Los precios de importación en Estados Unidos cayeron un 0,4% en julio, en contra de las previsiones que apuntaban a un aumento del 0,1%, según datos del Departamento de Trabajo publicados el martes.
La caída se debió principalmente a la reducción de los costes de importación del crudo, que contrarrestó los modestos avances en otras categorías. La lectura de julio sigue a un descenso revisado del 0,3% en junio, ajustado a la baja desde el aumento inicialmente reportado del 0,3%. En términos interanuales, los precios de importación subieron un 3,4%, moderándose respecto a lecturas anteriores y reforzando las señales de enfriamiento de las presiones inflacionistas.

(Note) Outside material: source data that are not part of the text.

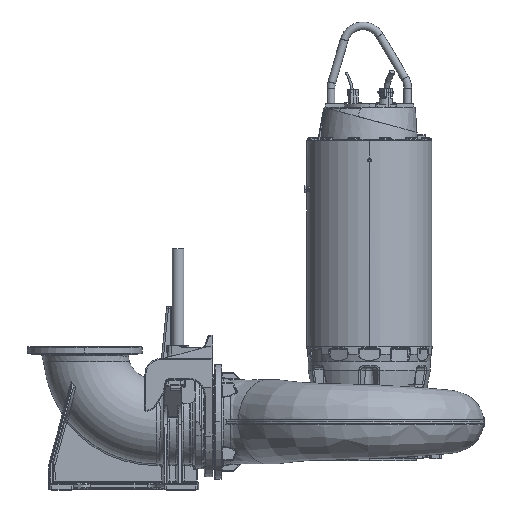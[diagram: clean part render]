
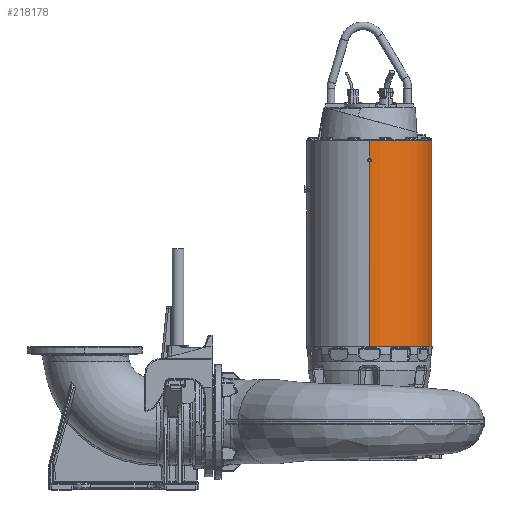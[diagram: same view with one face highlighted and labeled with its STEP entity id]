
A CAD part, top view. The second image highlights one B-rep face of the part: STEP entity #218178.
In plain terms, the highlighted cylindrical face has radius 322 mm (diameter 644 mm), a partial arc.
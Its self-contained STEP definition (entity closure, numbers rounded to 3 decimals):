
#10908 = CARTESIAN_POINT ( 'NONE',  ( 0., 1040., 322. ) ) ;
#12123 = CARTESIAN_POINT ( 'NONE',  ( 9.5, 945.485, 321.86 ) ) ;
#12270 = CARTESIAN_POINT ( 'NONE',  ( 0., -20., -322. ) ) ;
#17220 = DIRECTION ( 'NONE',  ( 0., -1., 0. ) ) ;
#20030 =( BOUNDED_CURVE ( )  B_SPLINE_CURVE ( 3, ( #270482, #35767, #250633, #107752 ),
 .UNSPECIFIED., .F., .F. ) 
 B_SPLINE_CURVE_WITH_KNOTS ( ( 4, 4 ),
 ( 1.571, 1.6 ),
 .UNSPECIFIED. ) 
 CURVE ( )  GEOMETRIC_REPRESENTATION_ITEM ( )  RATIONAL_B_SPLINE_CURVE ( ( 1., 1., 1., 1. ) ) 
 REPRESENTATION_ITEM ( '' )  );
#20149 = DIRECTION ( 'NONE',  ( 0., 0., -1. ) ) ;
#24479 = CARTESIAN_POINT ( 'NONE',  ( 9.5, 934.515, -321.86 ) ) ;
#31219 = VECTOR ( 'NONE', #174001, 1000. ) ;
#33915 = EDGE_CURVE ( 'NONE', #62103, #225753, #128674, .T. ) ;
#35767 = CARTESIAN_POINT ( 'NONE',  ( 3.167, 949.141, -322. ) ) ;
#37047 = VECTOR ( 'NONE', #17220, 1000. ) ;
#39786 = EDGE_CURVE ( 'NONE', #163464, #229225, #257529, .T. ) ;
#45477 = VECTOR ( 'NONE', #161988, 1000. ) ;
#48391 = CARTESIAN_POINT ( 'NONE',  ( 6.334, 932.687, -321.953 ) ) ;
#48560 = CARTESIAN_POINT ( 'NONE',  ( 9.5, 945.485, -321.86 ) ) ;
#50380 = CARTESIAN_POINT ( 'NONE',  ( 9.5, 934.515, 321.86 ) ) ;
#55255 = CARTESIAN_POINT ( 'NONE',  ( 0., 0., -322. ) ) ;
#58401 = LINE ( 'NONE', #295535, #114342 ) ;
#58677 = EDGE_LOOP ( 'NONE', ( #204906, #197452, #126521, #115195, #249933, #59584, #63180, #111622, #66770, #218719, #207356, #162347 ) ) ;
#59584 = ORIENTED_EDGE ( 'NONE', *, *, #241784, .T. ) ;
#62103 = VERTEX_POINT ( 'NONE', #253933 ) ;
#63180 = ORIENTED_EDGE ( 'NONE', *, *, #171702, .F. ) ;
#66770 = ORIENTED_EDGE ( 'NONE', *, *, #283749, .F. ) ;
#73392 = CARTESIAN_POINT ( 'NONE',  ( 6.334, 932.687, 321.953 ) ) ;
#80141 = VERTEX_POINT ( 'NONE', #48560 ) ;
#81580 =( BOUNDED_CURVE ( )  B_SPLINE_CURVE ( 3, ( #176734, #225888, #154743, #12123 ),
 .UNSPECIFIED., .F., .T. ) 
 B_SPLINE_CURVE_WITH_KNOTS ( ( 4, 4 ),
 ( 1.571, 1.6 ),
 .UNSPECIFIED. ) 
 CURVE ( )  GEOMETRIC_REPRESENTATION_ITEM ( )  RATIONAL_B_SPLINE_CURVE ( ( 1., 1., 1., 1. ) ) 
 REPRESENTATION_ITEM ( '' )  );
#85745 =( BOUNDED_CURVE ( )  B_SPLINE_CURVE ( 3, ( #24479, #48391, #263318, #120361 ),
 .UNSPECIFIED., .F., .F. ) 
 B_SPLINE_CURVE_WITH_KNOTS ( ( 4, 4 ),
 ( 1.541, 1.571 ),
 .UNSPECIFIED. ) 
 CURVE ( )  GEOMETRIC_REPRESENTATION_ITEM ( )  RATIONAL_B_SPLINE_CURVE ( ( 1., 1., 1., 1. ) ) 
 REPRESENTATION_ITEM ( '' )  );
#87764 = EDGE_CURVE ( 'NONE', #229225, #244058, #58401, .T. ) ;
#91793 = CIRCLE ( 'NONE', #187628, 322. ) ;
#95064 = VERTEX_POINT ( 'NONE', #12270 ) ;
#95569 = CARTESIAN_POINT ( 'NONE',  ( 0., 0., 322. ) ) ;
#100797 = DIRECTION ( 'NONE',  ( 0., -1., 0. ) ) ;
#106994 = CARTESIAN_POINT ( 'NONE',  ( 0., 0., -322. ) ) ;
#107752 = CARTESIAN_POINT ( 'NONE',  ( 9.5, 945.485, -321.86 ) ) ;
#108918 = LINE ( 'NONE', #138149, #45477 ) ;
#110847 = DIRECTION ( 'NONE',  ( 0., -1., 0. ) ) ;
#111622 = ORIENTED_EDGE ( 'NONE', *, *, #187780, .F. ) ;
#113996 = CARTESIAN_POINT ( 'NONE',  ( 0., 0., 0. ) ) ;
#114342 = VECTOR ( 'NONE', #110847, 1000. ) ;
#115195 = ORIENTED_EDGE ( 'NONE', *, *, #295654, .T. ) ;
#118709 = CARTESIAN_POINT ( 'NONE',  ( 0., -20., 322. ) ) ;
#119578 = DIRECTION ( 'NONE',  ( 0., -1., 0. ) ) ;
#120361 = CARTESIAN_POINT ( 'NONE',  ( 0., 929.03, -322. ) ) ;
#120412 = VERTEX_POINT ( 'NONE', #236574 ) ;
#126521 = ORIENTED_EDGE ( 'NONE', *, *, #247726, .T. ) ;
#128674 =( BOUNDED_CURVE ( )  B_SPLINE_CURVE ( 3, ( #50380, #73392, #145194, #217204 ),
 .UNSPECIFIED., .F., .F. ) 
 B_SPLINE_CURVE_WITH_KNOTS ( ( 4, 4 ),
 ( 1.541, 1.571 ),
 .UNSPECIFIED. ) 
 CURVE ( )  GEOMETRIC_REPRESENTATION_ITEM ( )  RATIONAL_B_SPLINE_CURVE ( ( 1., 1., 1., 1. ) ) 
 REPRESENTATION_ITEM ( '' )  );
#130568 = VERTEX_POINT ( 'NONE', #152860 ) ;
#131951 = VERTEX_POINT ( 'NONE', #118709 ) ;
#135512 = CARTESIAN_POINT ( 'NONE',  ( 0., 1040., -322. ) ) ;
#138149 = CARTESIAN_POINT ( 'NONE',  ( 9.5, 1180.349, 321.86 ) ) ;
#140830 = VECTOR ( 'NONE', #296783, 1000. ) ;
#141014 = DIRECTION ( 'NONE',  ( 0., -1., 0. ) ) ;
#145194 = CARTESIAN_POINT ( 'NONE',  ( 3.167, 930.859, 322. ) ) ;
#149756 = EDGE_CURVE ( 'NONE', #80141, #154904, #290825, .T. ) ;
#152860 = CARTESIAN_POINT ( 'NONE',  ( 0., 950.97, -322. ) ) ;
#154743 = CARTESIAN_POINT ( 'NONE',  ( 6.334, 947.313, 321.953 ) ) ;
#154904 = VERTEX_POINT ( 'NONE', #282112 ) ;
#156448 = VERTEX_POINT ( 'NONE', #239460 ) ;
#157848 = LINE ( 'NONE', #55255, #31219 ) ;
#159862 = CARTESIAN_POINT ( 'NONE',  ( 9.5, 1180.349, -321.86 ) ) ;
#161988 = DIRECTION ( 'NONE',  ( 0., -1., 0. ) ) ;
#162347 = ORIENTED_EDGE ( 'NONE', *, *, #197874, .F. ) ;
#163464 = VERTEX_POINT ( 'NONE', #135512 ) ;
#169564 = LINE ( 'NONE', #95569, #289068 ) ;
#171702 = EDGE_CURVE ( 'NONE', #95064, #131951, #91793, .T. ) ;
#174001 = DIRECTION ( 'NONE',  ( 0., -1., 0. ) ) ;
#176734 = CARTESIAN_POINT ( 'NONE',  ( 0., 950.97, 322. ) ) ;
#181777 = EDGE_CURVE ( 'NONE', #130568, #80141, #20030, .T. ) ;
#185014 = FACE_OUTER_BOUND ( 'NONE', #58677, .T. ) ;
#187628 = AXIS2_PLACEMENT_3D ( 'NONE', #243696, #100797, #267679 ) ;
#187780 = EDGE_CURVE ( 'NONE', #120412, #95064, #157848, .T. ) ;
#197452 = ORIENTED_EDGE ( 'NONE', *, *, #87764, .T. ) ;
#197874 = EDGE_CURVE ( 'NONE', #163464, #130568, #275247, .T. ) ;
#204906 = ORIENTED_EDGE ( 'NONE', *, *, #39786, .T. ) ;
#207356 = ORIENTED_EDGE ( 'NONE', *, *, #181777, .F. ) ;
#217204 = CARTESIAN_POINT ( 'NONE',  ( 0., 929.03, 322. ) ) ;
#218178 = ADVANCED_FACE ( 'NONE', ( #185014 ), #218570, .T. ) ;
#218570 = CYLINDRICAL_SURFACE ( 'NONE', #257369, 322. ) ;
#218719 = ORIENTED_EDGE ( 'NONE', *, *, #149756, .F. ) ;
#225753 = VERTEX_POINT ( 'NONE', #295633 ) ;
#225888 = CARTESIAN_POINT ( 'NONE',  ( 3.167, 949.141, 322. ) ) ;
#229225 = VERTEX_POINT ( 'NONE', #10908 ) ;
#236574 = CARTESIAN_POINT ( 'NONE',  ( 0., 929.03, -322. ) ) ;
#239460 = CARTESIAN_POINT ( 'NONE',  ( 9.5, 945.485, 321.86 ) ) ;
#241784 = EDGE_CURVE ( 'NONE', #225753, #131951, #169564, .T. ) ;
#243696 = CARTESIAN_POINT ( 'NONE',  ( 0., -20., 0. ) ) ;
#244058 = VERTEX_POINT ( 'NONE', #297717 ) ;
#245592 = AXIS2_PLACEMENT_3D ( 'NONE', #283937, #141014, #307912 ) ;
#247726 = EDGE_CURVE ( 'NONE', #244058, #156448, #81580, .T. ) ;
#249933 = ORIENTED_EDGE ( 'NONE', *, *, #33915, .T. ) ;
#250633 = CARTESIAN_POINT ( 'NONE',  ( 6.334, 947.313, -321.953 ) ) ;
#253933 = CARTESIAN_POINT ( 'NONE',  ( 9.5, 934.515, 321.86 ) ) ;
#256922 = DIRECTION ( 'NONE',  ( 0., -1., 0. ) ) ;
#257369 = AXIS2_PLACEMENT_3D ( 'NONE', #113996, #256922, #20149 ) ;
#257529 = CIRCLE ( 'NONE', #245592, 322. ) ;
#263318 = CARTESIAN_POINT ( 'NONE',  ( 3.167, 930.859, -322. ) ) ;
#267679 = DIRECTION ( 'NONE',  ( 1., 0., 0. ) ) ;
#270482 = CARTESIAN_POINT ( 'NONE',  ( 0., 950.97, -322. ) ) ;
#275247 = LINE ( 'NONE', #106994, #140830 ) ;
#282112 = CARTESIAN_POINT ( 'NONE',  ( 9.5, 934.515, -321.86 ) ) ;
#283749 = EDGE_CURVE ( 'NONE', #154904, #120412, #85745, .T. ) ;
#283937 = CARTESIAN_POINT ( 'NONE',  ( 0., 1040., 0. ) ) ;
#289068 = VECTOR ( 'NONE', #119578, 1000. ) ;
#290825 = LINE ( 'NONE', #159862, #37047 ) ;
#295535 = CARTESIAN_POINT ( 'NONE',  ( 0., 0., 322. ) ) ;
#295633 = CARTESIAN_POINT ( 'NONE',  ( 0., 929.03, 322. ) ) ;
#295654 = EDGE_CURVE ( 'NONE', #156448, #62103, #108918, .T. ) ;
#296783 = DIRECTION ( 'NONE',  ( 0., -1., 0. ) ) ;
#297717 = CARTESIAN_POINT ( 'NONE',  ( 0., 950.97, 322. ) ) ;
#307912 = DIRECTION ( 'NONE',  ( 0., 0., -1. ) ) ;

La perspectiva de política monetaria de la Reserva Federal sigue siendo clave, ya que 94 de los 104 economistas encuestados por Reuters esperan que el banco central mantenga su tipo de interés de referencia en el rango del 3,50%-3,75% en la reunión del 17 al 18 de septiembre. La encuesta refleja una creciente confianza en una pausa tras la reunión del 30 al 31 de julio, en la que un cuarto de los miembros del FOMC votaron a favor de un aumento de tipos.
Los datos del mercado laboral publicados la semana pasada añadieron señales económicas mixtas, con un descenso inesperado de 23.000 empleos no agrícolas en julio, lo que subraya el ritmo desigual de la economía estadounidense. La tasa de desempleo se mantuvo en el 4,1%, mientras que los ingresos medios por hora aumentaron un 0,2% intermensual.
Los analistas señalan que una caída sostenida de los precios de importación podría aliviar aún más las preocupaciones inflacionistas, lo que podría influir en las decisiones de la Fed a la hora de equilibrar la estabilidad de precios con las condiciones del mercado laboral. El puerto de Savannah, un punto clave de entrada de mercancías importadas, ha registrado volúmenes de carga estables en los últimos meses, aunque los datos comerciales han mostrado volatilidad ante los cambios en la demanda global.
La caída inesperada de los precios de importación se enmarca en las tendencias más amplias de desinflación observadas en los últimos meses, con los índices de precios al productor y al consumidor también en descenso. Los participantes en el mercado seguirán de cerca los próximos informes de inflación, incluido el dato del IPC de agosto, en busca de nuevas señales sobre la trayectoria de la política de la Fed.